*** Block opens ***

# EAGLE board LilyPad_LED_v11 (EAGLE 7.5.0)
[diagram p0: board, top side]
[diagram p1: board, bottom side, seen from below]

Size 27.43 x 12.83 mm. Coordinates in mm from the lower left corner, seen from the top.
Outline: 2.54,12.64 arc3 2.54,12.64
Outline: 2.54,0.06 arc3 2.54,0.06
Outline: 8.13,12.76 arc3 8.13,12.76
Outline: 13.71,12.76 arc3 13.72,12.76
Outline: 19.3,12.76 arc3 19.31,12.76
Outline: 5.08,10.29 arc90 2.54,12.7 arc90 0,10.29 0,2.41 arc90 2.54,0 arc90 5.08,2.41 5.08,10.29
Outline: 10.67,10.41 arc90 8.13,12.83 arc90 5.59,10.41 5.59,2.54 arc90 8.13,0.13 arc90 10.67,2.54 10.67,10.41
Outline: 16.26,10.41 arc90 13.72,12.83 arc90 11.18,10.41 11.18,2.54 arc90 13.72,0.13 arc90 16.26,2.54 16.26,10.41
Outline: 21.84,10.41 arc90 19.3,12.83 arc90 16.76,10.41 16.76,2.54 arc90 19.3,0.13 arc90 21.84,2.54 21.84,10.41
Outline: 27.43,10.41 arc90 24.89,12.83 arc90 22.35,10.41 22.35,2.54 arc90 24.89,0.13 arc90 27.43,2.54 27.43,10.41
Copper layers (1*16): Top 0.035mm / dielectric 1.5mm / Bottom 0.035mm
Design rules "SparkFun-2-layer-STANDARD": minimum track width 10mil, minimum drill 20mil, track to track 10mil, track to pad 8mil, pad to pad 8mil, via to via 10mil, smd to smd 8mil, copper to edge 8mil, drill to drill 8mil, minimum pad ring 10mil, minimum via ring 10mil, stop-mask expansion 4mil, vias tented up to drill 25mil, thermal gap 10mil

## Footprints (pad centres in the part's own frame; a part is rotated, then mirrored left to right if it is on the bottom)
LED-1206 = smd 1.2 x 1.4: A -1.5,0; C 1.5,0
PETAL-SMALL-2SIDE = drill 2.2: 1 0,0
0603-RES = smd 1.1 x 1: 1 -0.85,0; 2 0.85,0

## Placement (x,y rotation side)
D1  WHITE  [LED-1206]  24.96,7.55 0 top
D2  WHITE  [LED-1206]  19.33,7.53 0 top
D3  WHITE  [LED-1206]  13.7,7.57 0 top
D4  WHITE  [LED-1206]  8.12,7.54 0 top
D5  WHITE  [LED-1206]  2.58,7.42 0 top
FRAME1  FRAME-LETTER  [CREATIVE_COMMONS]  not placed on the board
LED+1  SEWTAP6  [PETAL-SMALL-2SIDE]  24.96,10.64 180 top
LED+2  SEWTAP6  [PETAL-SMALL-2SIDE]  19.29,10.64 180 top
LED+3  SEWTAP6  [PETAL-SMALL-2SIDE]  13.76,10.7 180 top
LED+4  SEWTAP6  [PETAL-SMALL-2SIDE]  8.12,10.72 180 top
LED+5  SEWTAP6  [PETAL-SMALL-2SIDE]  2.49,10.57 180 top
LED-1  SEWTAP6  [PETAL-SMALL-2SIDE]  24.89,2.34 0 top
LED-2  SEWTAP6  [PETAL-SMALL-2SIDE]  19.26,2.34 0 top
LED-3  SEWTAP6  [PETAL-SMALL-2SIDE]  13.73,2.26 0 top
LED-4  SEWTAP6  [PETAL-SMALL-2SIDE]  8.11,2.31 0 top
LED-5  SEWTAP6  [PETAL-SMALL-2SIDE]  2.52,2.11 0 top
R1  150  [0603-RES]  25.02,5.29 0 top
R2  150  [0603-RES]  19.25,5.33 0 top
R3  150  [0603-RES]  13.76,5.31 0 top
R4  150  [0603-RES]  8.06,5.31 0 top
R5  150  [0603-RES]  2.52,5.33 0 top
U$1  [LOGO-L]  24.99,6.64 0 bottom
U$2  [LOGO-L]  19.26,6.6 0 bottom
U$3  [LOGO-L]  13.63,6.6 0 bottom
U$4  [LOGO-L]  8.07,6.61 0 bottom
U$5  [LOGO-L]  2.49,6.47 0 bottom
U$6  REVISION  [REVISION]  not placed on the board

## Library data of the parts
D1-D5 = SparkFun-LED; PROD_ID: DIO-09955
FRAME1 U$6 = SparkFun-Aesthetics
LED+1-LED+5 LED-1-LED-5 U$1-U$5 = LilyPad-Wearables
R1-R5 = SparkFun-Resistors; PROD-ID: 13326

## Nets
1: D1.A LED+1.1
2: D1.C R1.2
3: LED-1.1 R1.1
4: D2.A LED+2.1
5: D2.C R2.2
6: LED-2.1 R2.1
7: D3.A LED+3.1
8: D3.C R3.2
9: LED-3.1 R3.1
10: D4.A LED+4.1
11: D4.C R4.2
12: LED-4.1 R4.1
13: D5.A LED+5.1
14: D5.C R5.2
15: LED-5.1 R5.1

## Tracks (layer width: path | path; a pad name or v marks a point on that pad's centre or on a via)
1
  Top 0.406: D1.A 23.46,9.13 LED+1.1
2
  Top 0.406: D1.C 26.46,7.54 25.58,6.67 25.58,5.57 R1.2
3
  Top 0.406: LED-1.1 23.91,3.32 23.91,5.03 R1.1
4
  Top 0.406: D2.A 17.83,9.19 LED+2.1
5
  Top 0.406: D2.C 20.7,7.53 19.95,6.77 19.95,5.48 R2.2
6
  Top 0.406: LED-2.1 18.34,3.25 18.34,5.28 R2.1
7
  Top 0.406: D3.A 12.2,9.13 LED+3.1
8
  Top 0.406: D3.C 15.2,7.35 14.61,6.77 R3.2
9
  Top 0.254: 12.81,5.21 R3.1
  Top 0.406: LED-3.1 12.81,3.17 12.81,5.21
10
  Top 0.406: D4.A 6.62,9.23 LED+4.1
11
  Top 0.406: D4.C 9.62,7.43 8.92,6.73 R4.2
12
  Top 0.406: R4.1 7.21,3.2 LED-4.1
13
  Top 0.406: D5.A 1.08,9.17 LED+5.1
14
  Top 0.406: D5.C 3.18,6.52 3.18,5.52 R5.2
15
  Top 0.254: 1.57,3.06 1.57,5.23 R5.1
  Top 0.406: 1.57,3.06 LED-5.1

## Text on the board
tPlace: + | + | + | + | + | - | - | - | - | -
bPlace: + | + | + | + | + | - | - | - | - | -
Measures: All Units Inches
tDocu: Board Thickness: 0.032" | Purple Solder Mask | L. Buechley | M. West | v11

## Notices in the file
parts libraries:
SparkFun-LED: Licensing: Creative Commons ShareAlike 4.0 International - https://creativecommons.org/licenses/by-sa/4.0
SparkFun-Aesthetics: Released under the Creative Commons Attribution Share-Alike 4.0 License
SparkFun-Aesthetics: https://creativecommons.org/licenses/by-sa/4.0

*** Block closes ***

## [WHAT YOU WILL DO]
The full listing above should be retyped without any alteration.

## [EXERCISE ANSWER]
# EAGLE board LilyPad_LED_v11 (EAGLE 7.5.0)
[diagram p0: board, top side]
[diagram p1: board, bottom side, seen from below]

Size 27.43 x 12.83 mm. Coordinates in mm from the lower left corner, seen from the top.
Outline: 2.54,12.64 arc3 2.54,12.64
Outline: 2.54,0.06 arc3 2.54,0.06
Outline: 8.13,12.76 arc3 8.13,12.76
Outline: 13.71,12.76 arc3 13.72,12.76
Outline: 19.3,12.76 arc3 19.31,12.76
Outline: 5.08,10.29 arc90 2.54,12.7 arc90 0,10.29 0,2.41 arc90 2.54,0 arc90 5.08,2.41 5.08,10.29
Outline: 10.67,10.41 arc90 8.13,12.83 arc90 5.59,10.41 5.59,2.54 arc90 8.13,0.13 arc90 10.67,2.54 10.67,10.41
Outline: 16.26,10.41 arc90 13.72,12.83 arc90 11.18,10.41 11.18,2.54 arc90 13.72,0.13 arc90 16.26,2.54 16.26,10.41
Outline: 21.84,10.41 arc90 19.3,12.83 arc90 16.76,10.41 16.76,2.54 arc90 19.3,0.13 arc90 21.84,2.54 21.84,10.41
Outline: 27.43,10.41 arc90 24.89,12.83 arc90 22.35,10.41 22.35,2.54 arc90 24.89,0.13 arc90 27.43,2.54 27.43,10.41
Copper layers (1*16): Top 0.035mm / dielectric 1.5mm / Bottom 0.035mm
Design rules "SparkFun-2-layer-STANDARD": minimum track width 10mil, minimum drill 20mil, track to track 10mil, track to pad 8mil, pad to pad 8mil, via to via 10mil, smd to smd 8mil, copper to edge 8mil, drill to drill 8mil, minimum pad ring 10mil, minimum via ring 10mil, stop-mask expansion 4mil, vias tented up to drill 25mil, thermal gap 10mil

## Footprints (pad centres in the part's own frame; a part is rotated, then mirrored left to right if it is on the bottom)
LED-1206 = smd 1.2 x 1.4: A -1.5,0; C 1.5,0
PETAL-SMALL-2SIDE = drill 2.2: 1 0,0
0603-RES = smd 1.1 x 1: 1 -0.85,0; 2 0.85,0

## Placement (x,y rotation side)
D1  WHITE  [LED-1206]  24.96,7.55 0 top
D2  WHITE  [LED-1206]  19.33,7.53 0 top
D3  WHITE  [LED-1206]  13.7,7.57 0 top
D4  WHITE  [LED-1206]  8.12,7.54 0 top
D5  WHITE  [LED-1206]  2.58,7.42 0 top
FRAME1  FRAME-LETTER  [CREATIVE_COMMONS]  not placed on the board
LED+1  SEWTAP6  [PETAL-SMALL-2SIDE]  24.96,10.64 180 top
LED+2  SEWTAP6  [PETAL-SMALL-2SIDE]  19.29,10.64 180 top
LED+3  SEWTAP6  [PETAL-SMALL-2SIDE]  13.76,10.7 180 top
LED+4  SEWTAP6  [PETAL-SMALL-2SIDE]  8.12,10.72 180 top
LED+5  SEWTAP6  [PETAL-SMALL-2SIDE]  2.49,10.57 180 top
LED-1  SEWTAP6  [PETAL-SMALL-2SIDE]  24.89,2.34 0 top
LED-2  SEWTAP6  [PETAL-SMALL-2SIDE]  19.26,2.34 0 top
LED-3  SEWTAP6  [PETAL-SMALL-2SIDE]  13.73,2.26 0 top
LED-4  SEWTAP6  [PETAL-SMALL-2SIDE]  8.11,2.31 0 top
LED-5  SEWTAP6  [PETAL-SMALL-2SIDE]  2.52,2.11 0 top
R1  150  [0603-RES]  25.02,5.29 0 top
R2  150  [0603-RES]  19.25,5.33 0 top
R3  150  [0603-RES]  13.76,5.31 0 top
R4  150  [0603-RES]  8.06,5.31 0 top
R5  150  [0603-RES]  2.52,5.33 0 top
U$1  [LOGO-L]  24.99,6.64 0 bottom
U$2  [LOGO-L]  19.26,6.6 0 bottom
U$3  [LOGO-L]  13.63,6.6 0 bottom
U$4  [LOGO-L]  8.07,6.61 0 bottom
U$5  [LOGO-L]  2.49,6.47 0 bottom
U$6  REVISION  [REVISION]  not placed on the board

## Library data of the parts
D1-D5 = SparkFun-LED; PROD_ID: DIO-09955
FRAME1 U$6 = SparkFun-Aesthetics
LED+1-LED+5 LED-1-LED-5 U$1-U$5 = LilyPad-Wearables
R1-R5 = SparkFun-Resistors; PROD-ID: 13326

## Nets
1: D1.A LED+1.1
2: D1.C R1.2
3: LED-1.1 R1.1
4: D2.A LED+2.1
5: D2.C R2.2
6: LED-2.1 R2.1
7: D3.A LED+3.1
8: D3.C R3.2
9: LED-3.1 R3.1
10: D4.A LED+4.1
11: D4.C R4.2
12: LED-4.1 R4.1
13: D5.A LED+5.1
14: D5.C R5.2
15: LED-5.1 R5.1

## Tracks (layer width: path | path; a pad name or v marks a point on that pad's centre or on a via)
1
  Top 0.406: D1.A 23.46,9.13 LED+1.1
2
  Top 0.406: D1.C 26.46,7.54 25.58,6.67 25.58,5.57 R1.2
3
  Top 0.406: LED-1.1 23.91,3.32 23.91,5.03 R1.1
4
  Top 0.406: D2.A 17.83,9.19 LED+2.1
5
  Top 0.406: D2.C 20.7,7.53 19.95,6.77 19.95,5.48 R2.2
6
  Top 0.406: LED-2.1 18.34,3.25 18.34,5.28 R2.1
7
  Top 0.406: D3.A 12.2,9.13 LED+3.1
8
  Top 0.406: D3.C 15.2,7.35 14.61,6.77 R3.2
9
  Top 0.254: 12.81,5.21 R3.1
  Top 0.406: LED-3.1 12.81,3.17 12.81,5.21
10
  Top 0.406: D4.A 6.62,9.23 LED+4.1
11
  Top 0.406: D4.C 9.62,7.43 8.92,6.73 R4.2
12
  Top 0.406: R4.1 7.21,3.2 LED-4.1
13
  Top 0.406: D5.A 1.08,9.17 LED+5.1
14
  Top 0.406: D5.C 3.18,6.52 3.18,5.52 R5.2
15
  Top 0.254: 1.57,3.06 1.57,5.23 R5.1
  Top 0.406: 1.57,3.06 LED-5.1

## Text on the board
tPlace: + | + | + | + | + | - | - | - | - | -
bPlace: + | + | + | + | + | - | - | - | - | -
Measures: All Units Inches
tDocu: Board Thickness: 0.032" | Purple Solder Mask | L. Buechley | M. West | v11

## Notices in the file
parts libraries:
SparkFun-LED: Licensing: Creative Commons ShareAlike 4.0 International - https://creativecommons.org/licenses/by-sa/4.0
SparkFun-Aesthetics: Released under the Creative Commons Attribution Share-Alike 4.0 License
SparkFun-Aesthetics: https://creativecommons.org/licenses/by-sa/4.0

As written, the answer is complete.